What you should do: Instruction for the data below: set down exactly the lines from the line with "#19577=LINE('',#23608,#23609);" to the line with "#22677=VECTOR('',#22678,1.);", inclusive, and no others.

Information given:
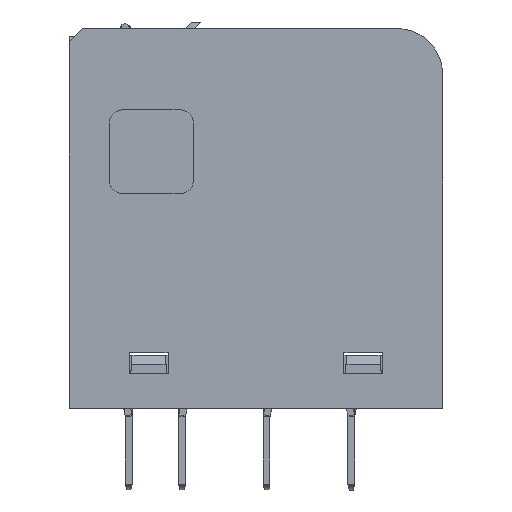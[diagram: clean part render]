
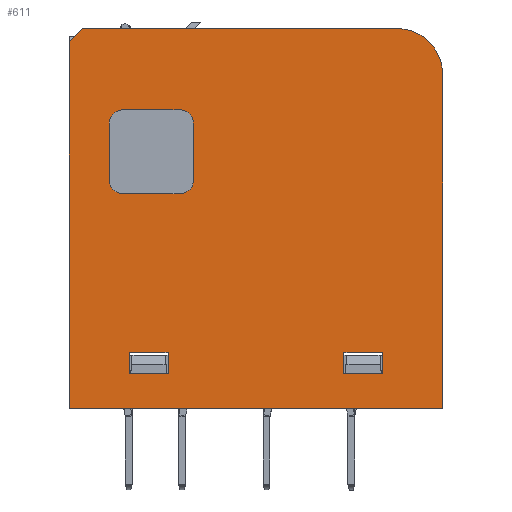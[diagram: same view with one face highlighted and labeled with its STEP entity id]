
A CAD part, top view. The second image highlights one B-rep face of the part: STEP entity #611.
In plain terms, the highlighted planar face has unit normal (0, 0, 1).
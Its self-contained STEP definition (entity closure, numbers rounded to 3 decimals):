
#611=ADVANCED_FACE('',(#7583,#7585,#7587,#7589),#7591,.T.);
#7583=FACE_BOUND('',#7584,.T.);
#7584=EDGE_LOOP('',(#13296,#13297,#13298,#13299,#13300,#13301));
#7585=FACE_BOUND('',#7586,.T.);
#7586=EDGE_LOOP('',(#13302,#13303,#13304,#13305,#13306,#13307,#13308,#13309));
#7587=FACE_BOUND('',#7588,.T.);
#7588=EDGE_LOOP('',(#13310,#13311,#13312,#13313));
#7589=FACE_BOUND('',#7590,.T.);
#7590=EDGE_LOOP('',(#13314,#13315,#13316,#13317));
#7591=PLANE('',#7592);
#7592=AXIS2_PLACEMENT_3D('',#7593,#7594,#7595);
#7593=CARTESIAN_POINT('',(0.,14.4,11.25));
#7594=DIRECTION('',(0.,0.,1.));
#7595=DIRECTION('',(0.,-1.,0.));
#13296=ORIENTED_EDGE('',*,*,#17267,.F.);
#13297=ORIENTED_EDGE('',*,*,#17268,.T.);
#13298=ORIENTED_EDGE('',*,*,#17269,.T.);
#13299=ORIENTED_EDGE('',*,*,#17270,.T.);
#13300=ORIENTED_EDGE('',*,*,#17271,.T.);
#13301=ORIENTED_EDGE('',*,*,#17272,.T.);
#13302=ORIENTED_EDGE('',*,*,#17273,.T.);
#13303=ORIENTED_EDGE('',*,*,#17274,.T.);
#13304=ORIENTED_EDGE('',*,*,#17275,.T.);
#13305=ORIENTED_EDGE('',*,*,#17276,.T.);
#13306=ORIENTED_EDGE('',*,*,#17277,.T.);
#13307=ORIENTED_EDGE('',*,*,#17278,.T.);
#13308=ORIENTED_EDGE('',*,*,#17279,.T.);
#13309=ORIENTED_EDGE('',*,*,#17280,.T.);
#13310=ORIENTED_EDGE('',*,*,#17281,.T.);
#13311=ORIENTED_EDGE('',*,*,#17037,.T.);
#13312=ORIENTED_EDGE('',*,*,#17009,.T.);
#13313=ORIENTED_EDGE('',*,*,#17106,.T.);
#13314=ORIENTED_EDGE('',*,*,#17282,.T.);
#13315=ORIENTED_EDGE('',*,*,#17051,.T.);
#13316=ORIENTED_EDGE('',*,*,#17001,.T.);
#13317=ORIENTED_EDGE('',*,*,#17046,.T.);
#17001=EDGE_CURVE('',#19100,#19098,#19101,.F.);
#17009=EDGE_CURVE('',#19116,#19114,#19117,.F.);
#17037=EDGE_CURVE('',#19166,#19116,#19167,.F.);
#17046=EDGE_CURVE('',#19098,#19180,#19182,.F.);
#17051=EDGE_CURVE('',#19190,#19100,#19191,.F.);
#17106=EDGE_CURVE('',#19114,#19287,#19289,.F.);
#17267=EDGE_CURVE('',#19550,#19551,#19552,.F.);
#17268=EDGE_CURVE('',#19550,#19553,#19554,.T.);
#17269=EDGE_CURVE('',#19553,#19555,#19556,.T.);
#17270=EDGE_CURVE('',#19555,#19557,#19558,.T.);
#17271=EDGE_CURVE('',#19557,#19559,#19560,.T.);
#17272=EDGE_CURVE('',#19559,#19551,#19561,.T.);
#17273=EDGE_CURVE('',#19562,#19563,#19564,.F.);
#17274=EDGE_CURVE('',#19563,#19565,#19566,.F.);
#17275=EDGE_CURVE('',#19565,#19567,#19568,.F.);
#17276=EDGE_CURVE('',#19567,#19569,#19570,.F.);
#17277=EDGE_CURVE('',#19569,#19571,#19572,.F.);
#17278=EDGE_CURVE('',#19571,#19573,#19574,.F.);
#17279=EDGE_CURVE('',#19573,#19575,#19576,.F.);
#17280=EDGE_CURVE('',#19575,#19562,#19577,.F.);
#17281=EDGE_CURVE('',#19287,#19166,#19578,.F.);
#17282=EDGE_CURVE('',#19180,#19190,#19579,.F.);
#19098=VERTEX_POINT('',#22533);
#19100=VERTEX_POINT('',#22537);
#19101=LINE('',#22538,#22539);
#19114=VERTEX_POINT('',#22565);
#19116=VERTEX_POINT('',#22569);
#19117=LINE('',#22570,#22571);
#19166=VERTEX_POINT('',#22675);
#19167=LINE('',#22676,#22677);
#19180=VERTEX_POINT('',#22705);
#19182=LINE('',#22709,#22710);
#19190=VERTEX_POINT('',#22727);
#19191=LINE('',#22728,#22729);
#19287=VERTEX_POINT('',#22934);
#19289=LINE('',#22938,#22939);
#19550=VERTEX_POINT('',#23550);
#19551=VERTEX_POINT('',#23551);
#19552=LINE('',#23552,#23553);
#19553=VERTEX_POINT('',#23555);
#19554=LINE('',#23556,#23557);
#19555=VERTEX_POINT('',#23559);
#19556=LINE('',#23560,#23561);
#19557=VERTEX_POINT('',#23563);
#19558=LINE('',#23564,#23565);
#19559=VERTEX_POINT('',#23567);
#19560=CIRCLE('',#23568,3.4);
#19561=LINE('',#23572,#23573);
#19562=VERTEX_POINT('',#23575);
#19563=VERTEX_POINT('',#23576);
#19564=CIRCLE('',#23577,1.);
#19565=VERTEX_POINT('',#23581);
#19566=LINE('',#23582,#23583);
#19567=VERTEX_POINT('',#23585);
#19568=CIRCLE('',#23586,1.);
#19569=VERTEX_POINT('',#23590);
#19570=LINE('',#23591,#23592);
#19571=VERTEX_POINT('',#23594);
#19572=CIRCLE('',#23595,1.);
#19573=VERTEX_POINT('',#23599);
#19574=LINE('',#23600,#23601);
#19575=VERTEX_POINT('',#23603);
#19576=CIRCLE('',#23604,1.);
#19577=LINE('',#23608,#23609);
#19578=LINE('',#23611,#23612);
#19579=LINE('',#23614,#23615);
#22533=CARTESIAN_POINT('',(6.6,2.6,11.25));
#22537=CARTESIAN_POINT('',(9.5,2.6,11.25));
#22538=CARTESIAN_POINT('',(6.6,2.6,11.25));
#22539=VECTOR('',#22540,1.);
#22540=DIRECTION('',(1.,0.,0.));
#22565=CARTESIAN_POINT('',(-9.5,2.6,11.25));
#22569=CARTESIAN_POINT('',(-6.6,2.6,11.25));
#22570=CARTESIAN_POINT('',(-9.5,2.6,11.25));
#22571=VECTOR('',#22572,1.);
#22572=DIRECTION('',(1.,0.,0.));
#22675=CARTESIAN_POINT('',(-6.6,4.2,11.25));
#22676=CARTESIAN_POINT('',(-6.6,2.6,11.25));
#22677=VECTOR('',#22678,1.);
#22678=DIRECTION('',(0.,1.,0.));
#22705=CARTESIAN_POINT('',(6.6,4.2,11.25));
#22709=CARTESIAN_POINT('',(6.6,4.2,11.25));
#22710=VECTOR('',#22711,1.);
#22711=DIRECTION('',(0.,-1.,0.));
#22727=CARTESIAN_POINT('',(9.5,4.2,11.25));
#22728=CARTESIAN_POINT('',(9.5,2.6,11.25));
#22729=VECTOR('',#22730,1.);
#22730=DIRECTION('',(0.,1.,0.));
#22934=CARTESIAN_POINT('',(-9.5,4.2,11.25));
#22938=CARTESIAN_POINT('',(-9.5,4.2,11.25));
#22939=VECTOR('',#22940,1.);
#22940=DIRECTION('',(0.,-1.,0.));
#23550=CARTESIAN_POINT('',(-14.,27.5,11.25));
#23551=CARTESIAN_POINT('',(-13.,28.5,11.25));
#23552=CARTESIAN_POINT('',(-13.,28.5,11.25));
#23553=VECTOR('',#23554,1.);
#23554=DIRECTION('',(-0.707,-0.707,0.));
#23555=CARTESIAN_POINT('',(-14.,0.,11.25));
#23556=CARTESIAN_POINT('',(-14.,27.5,11.25));
#23557=VECTOR('',#23558,1.);
#23558=DIRECTION('',(0.,-1.,0.));
#23559=CARTESIAN_POINT('',(14.,0.,11.25));
#23560=CARTESIAN_POINT('',(-14.,0.,11.25));
#23561=VECTOR('',#23562,1.);
#23562=DIRECTION('',(1.,0.,0.));
#23563=CARTESIAN_POINT('',(14.,25.1,11.25));
#23564=CARTESIAN_POINT('',(14.,0.,11.25));
#23565=VECTOR('',#23566,1.);
#23566=DIRECTION('',(0.,1.,0.));
#23567=CARTESIAN_POINT('',(10.6,28.5,11.25));
#23568=AXIS2_PLACEMENT_3D('',#23569,#23570,#23571);
#23569=CARTESIAN_POINT('',(10.6,25.1,11.25));
#23570=DIRECTION('',(0.,0.,1.));
#23571=DIRECTION('',(1.,0.,0.));
#23572=CARTESIAN_POINT('',(10.6,28.5,11.25));
#23573=VECTOR('',#23574,1.);
#23574=DIRECTION('',(-1.,0.,0.));
#23575=CARTESIAN_POINT('',(-11.,21.4,11.25));
#23576=CARTESIAN_POINT('',(-10.,22.4,11.25));
#23577=AXIS2_PLACEMENT_3D('',#23578,#23579,#23580);
#23578=CARTESIAN_POINT('',(-10.,21.4,11.25));
#23579=DIRECTION('',(0.,0.,1.));
#23580=DIRECTION('',(0.,1.,0.));
#23581=CARTESIAN_POINT('',(-5.7,22.4,11.25));
#23582=CARTESIAN_POINT('',(-5.7,22.4,11.25));
#23583=VECTOR('',#23584,1.);
#23584=DIRECTION('',(-1.,0.,0.));
#23585=CARTESIAN_POINT('',(-4.7,21.4,11.25));
#23586=AXIS2_PLACEMENT_3D('',#23587,#23588,#23589);
#23587=CARTESIAN_POINT('',(-5.7,21.4,11.25));
#23588=DIRECTION('',(0.,0.,1.));
#23589=DIRECTION('',(1.,0.,0.));
#23590=CARTESIAN_POINT('',(-4.7,17.1,11.25));
#23591=CARTESIAN_POINT('',(-4.7,17.1,11.25));
#23592=VECTOR('',#23593,1.);
#23593=DIRECTION('',(0.,1.,0.));
#23594=CARTESIAN_POINT('',(-5.7,16.1,11.25));
#23595=AXIS2_PLACEMENT_3D('',#23596,#23597,#23598);
#23596=CARTESIAN_POINT('',(-5.7,17.1,11.25));
#23597=DIRECTION('',(0.,0.,1.));
#23598=DIRECTION('',(0.,-1.,0.));
#23599=CARTESIAN_POINT('',(-10.,16.1,11.25));
#23600=CARTESIAN_POINT('',(-10.,16.1,11.25));
#23601=VECTOR('',#23602,1.);
#23602=DIRECTION('',(1.,0.,0.));
#23603=CARTESIAN_POINT('',(-11.,17.1,11.25));
#23604=AXIS2_PLACEMENT_3D('',#23605,#23606,#23607);
#23605=CARTESIAN_POINT('',(-10.,17.1,11.25));
#23606=DIRECTION('',(0.,0.,1.));
#23607=DIRECTION('',(-1.,0.,0.));
#23608=CARTESIAN_POINT('',(-11.,21.4,11.25));
#23609=VECTOR('',#23610,1.);
#23610=DIRECTION('',(0.,-1.,0.));
#23611=CARTESIAN_POINT('',(-6.6,4.2,11.25));
#23612=VECTOR('',#23613,1.);
#23613=DIRECTION('',(-1.,0.,0.));
#23614=CARTESIAN_POINT('',(9.5,4.2,11.25));
#23615=VECTOR('',#23616,1.);
#23616=DIRECTION('',(-1.,0.,0.));

Exercise response:
#19577=LINE('',#23608,#23609);
#19578=LINE('',#23611,#23612);
#19579=LINE('',#23614,#23615);
#22533=CARTESIAN_POINT('',(6.6,2.6,11.25));
#22537=CARTESIAN_POINT('',(9.5,2.6,11.25));
#22538=CARTESIAN_POINT('',(6.6,2.6,11.25));
#22539=VECTOR('',#22540,1.);
#22540=DIRECTION('',(1.,0.,0.));
#22565=CARTESIAN_POINT('',(-9.5,2.6,11.25));
#22569=CARTESIAN_POINT('',(-6.6,2.6,11.25));
#22570=CARTESIAN_POINT('',(-9.5,2.6,11.25));
#22571=VECTOR('',#22572,1.);
#22572=DIRECTION('',(1.,0.,0.));
#22675=CARTESIAN_POINT('',(-6.6,4.2,11.25));
#22676=CARTESIAN_POINT('',(-6.6,2.6,11.25));
#22677=VECTOR('',#22678,1.);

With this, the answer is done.